# Distributor ideas 1.8t MK3



## vag-cables (Jul 28, 2009)

I'm in the process of collecting parts for my 1.8t swap for my MK3 OBD1 Jetta. I have just about everything but I am looking for ways to mount a distributor on the side of the head where the camshaft position sensor is. I know Reflex Tuning had a kit available but since discontinued it. Anyone have any pics or ideas from their own setups? 
Thanks in advance.


----------



## vag-cables (Jul 28, 2009)

*Re: Distributor ideas 1.8t MK3 (vag-cables)*

This is exactly what I need. Is there any way of finding this part?
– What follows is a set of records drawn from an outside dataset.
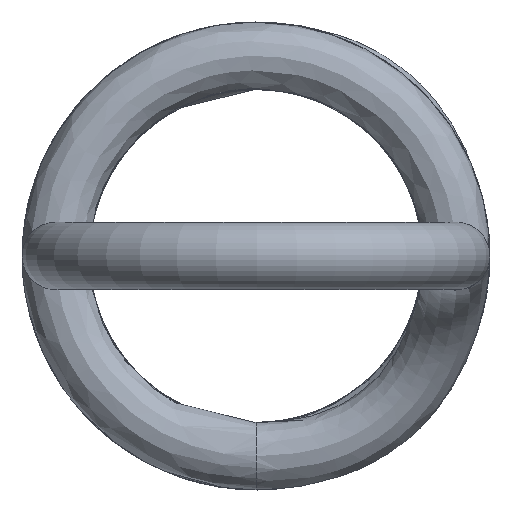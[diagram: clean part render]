
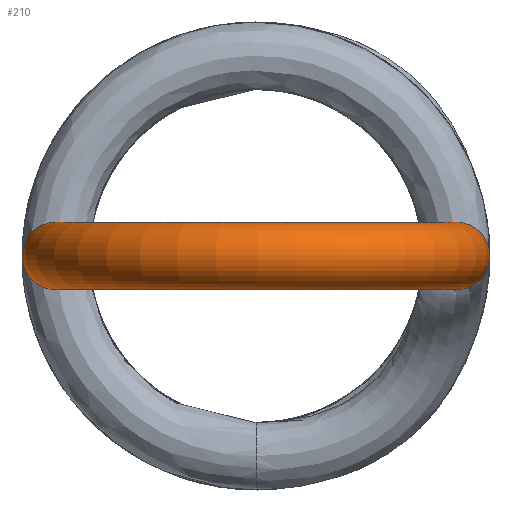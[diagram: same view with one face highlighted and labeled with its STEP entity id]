
A CAD part, front view. The second image highlights one B-rep face of the part: STEP entity #210.
In plain terms, the highlighted toroidal (fillet/blend) face has major radius 10.7 mm and minor radius 1.8 mm.
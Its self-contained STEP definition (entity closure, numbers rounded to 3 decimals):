
#15=TOROIDAL_SURFACE('',#248,10.7,1.8);
#22=CIRCLE('',#244,1.8);
#23=CIRCLE('',#245,1.8);
#24=CIRCLE('',#247,1.8);
#25=CIRCLE('',#249,8.9);
#40=FACE_OUTER_BOUND('',#51,.T.);
#51=EDGE_LOOP('',(#150,#151,#152,#153,#154));
#87=VERTEX_POINT('',#820);
#88=VERTEX_POINT('',#831);
#91=VERTEX_POINT('',#892);
#110=EDGE_CURVE('',#88,#87,#22,.T.);
#111=EDGE_CURVE('',#87,#88,#23,.T.);
#114=EDGE_CURVE('',#91,#91,#24,.T.);
#115=EDGE_CURVE('',#91,#88,#25,.T.);
#150=ORIENTED_EDGE('',*,*,#114,.F.);
#151=ORIENTED_EDGE('',*,*,#115,.T.);
#152=ORIENTED_EDGE('',*,*,#110,.T.);
#153=ORIENTED_EDGE('',*,*,#111,.T.);
#154=ORIENTED_EDGE('',*,*,#115,.F.);
#210=ADVANCED_FACE('',(#40),#15,.T.);
#244=AXIS2_PLACEMENT_3D('',#832,#270,#271);
#245=AXIS2_PLACEMENT_3D('',#833,#272,#273);
#247=AXIS2_PLACEMENT_3D('',#893,#276,#277);
#248=AXIS2_PLACEMENT_3D('',#894,#278,#279);
#249=AXIS2_PLACEMENT_3D('',#895,#280,#281);
#270=DIRECTION('center_axis',(0.,-1.,0.));
#271=DIRECTION('ref_axis',(-0.441,0.,-0.897));
#272=DIRECTION('center_axis',(0.,-1.,0.));
#273=DIRECTION('ref_axis',(-0.441,0.,-0.897));
#276=DIRECTION('center_axis',(0.168,0.986,0.));
#277=DIRECTION('ref_axis',(0.435,-0.074,-0.897));
#278=DIRECTION('center_axis',(0.,0.,-1.));
#279=DIRECTION('ref_axis',(-0.084,-0.996,0.));
#280=DIRECTION('center_axis',(0.,0.,1.));
#281=DIRECTION('ref_axis',(-0.084,-0.996,0.));
#820=CARTESIAN_POINT('',(9.906,-93.5,-1.615));
#831=CARTESIAN_POINT('',(8.9,-93.5,0.));
#832=CARTESIAN_POINT('Origin',(10.7,-93.5,0.));
#833=CARTESIAN_POINT('Origin',(10.7,-93.5,0.));
#892=CARTESIAN_POINT('',(-8.774,-92.008,0.));
#893=CARTESIAN_POINT('Origin',(-10.549,-91.706,0.));
#894=CARTESIAN_POINT('Origin',(0.,-93.5,0.));
#895=CARTESIAN_POINT('Origin',(0.,-93.5,0.));
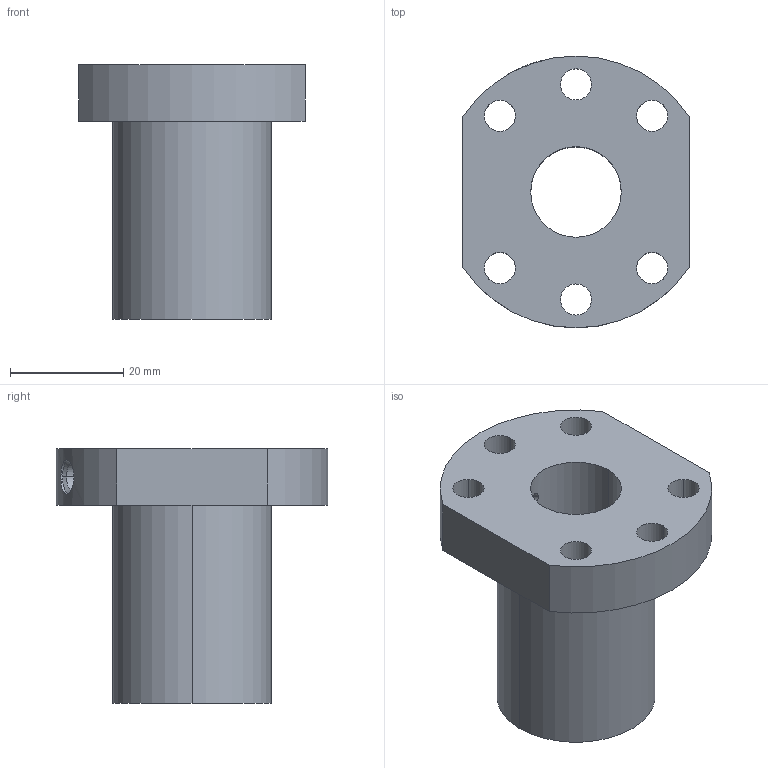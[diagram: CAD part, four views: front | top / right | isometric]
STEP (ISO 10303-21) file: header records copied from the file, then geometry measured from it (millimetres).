
FILE_DESCRIPTION(('STEP AP214'),'1');
FILE_NAME('cfr165sfud3_17545-.stp','2024-12-09T07:26:05',('TraceParts'),('TraceParts S.A.'),'Spatial InterOp 3D',' ',' ');
FILE_SCHEMA(('AUTOMOTIVE_DESIGN { 1 0 10303 214 1 1 1 1 }'));
Length unit declared in the file: millimetre
Products named in the file (1): cfr165sfud3_17545-
Bounding box: 40 x 48 x 45 mm (x, y, z)
Volume: 27516.8 mm3; surface area: 10687.3 mm2
Topology: 1 solids, 1 shells, 38 faces, 92 edges, 58 vertices
Faces by surface type: cylinder 26, cone 6, plane 6
Entity records: 1586 total; most frequent: CARTESIAN_POINT 305, DIRECTION 216, ORIENTED_EDGE 184, EDGE_CURVE 92, AXIS2_PLACEMENT_3D 89, VERTEX_POINT 58, EDGE_LOOP 56, CIRCLE 50

Can someone post some pics for me please?


----------



## Blk95VR6 (Nov 9, 2000)

*Re: Distributor ideas 1.8t MK3 (vag-cables)*

Send an IM to "new2", he has an entire Reflex Tuning kit for sale...

Mike


----------



## bonesaw (Aug 8, 2004)

*Re: Distributor ideas 1.8t MK3 (vag-cables)*

you will need a custom chip made. obd1 is kind of limited.


----------



## vag-cables (Jul 28, 2009)

*Re: Distributor ideas 1.8t MK3 (Blk95VR6)*

Thanks Mike, I'll see if he is willing to part it out.


----------



## vag-cables (Jul 28, 2009)

*Re: Distributor ideas 1.8t MK3 (bonesaw)*

Thanks for the input Bonesaw, I have a custom C2 chip I am installing for the swap.


----------



## vag-cables (Jul 28, 2009)

New2 is an awesome guy, just spoke to him. It's too bad he wants to sell his swap kit as a whole. But on the other side he was willing to take some pictures of the part I need.







Thanks!


----------



## vag-cables (Jul 28, 2009)

Looks like the distributor is a cut ABA distributor with some mods to it to bolt up the custom adapter. Time to figure something out I guess.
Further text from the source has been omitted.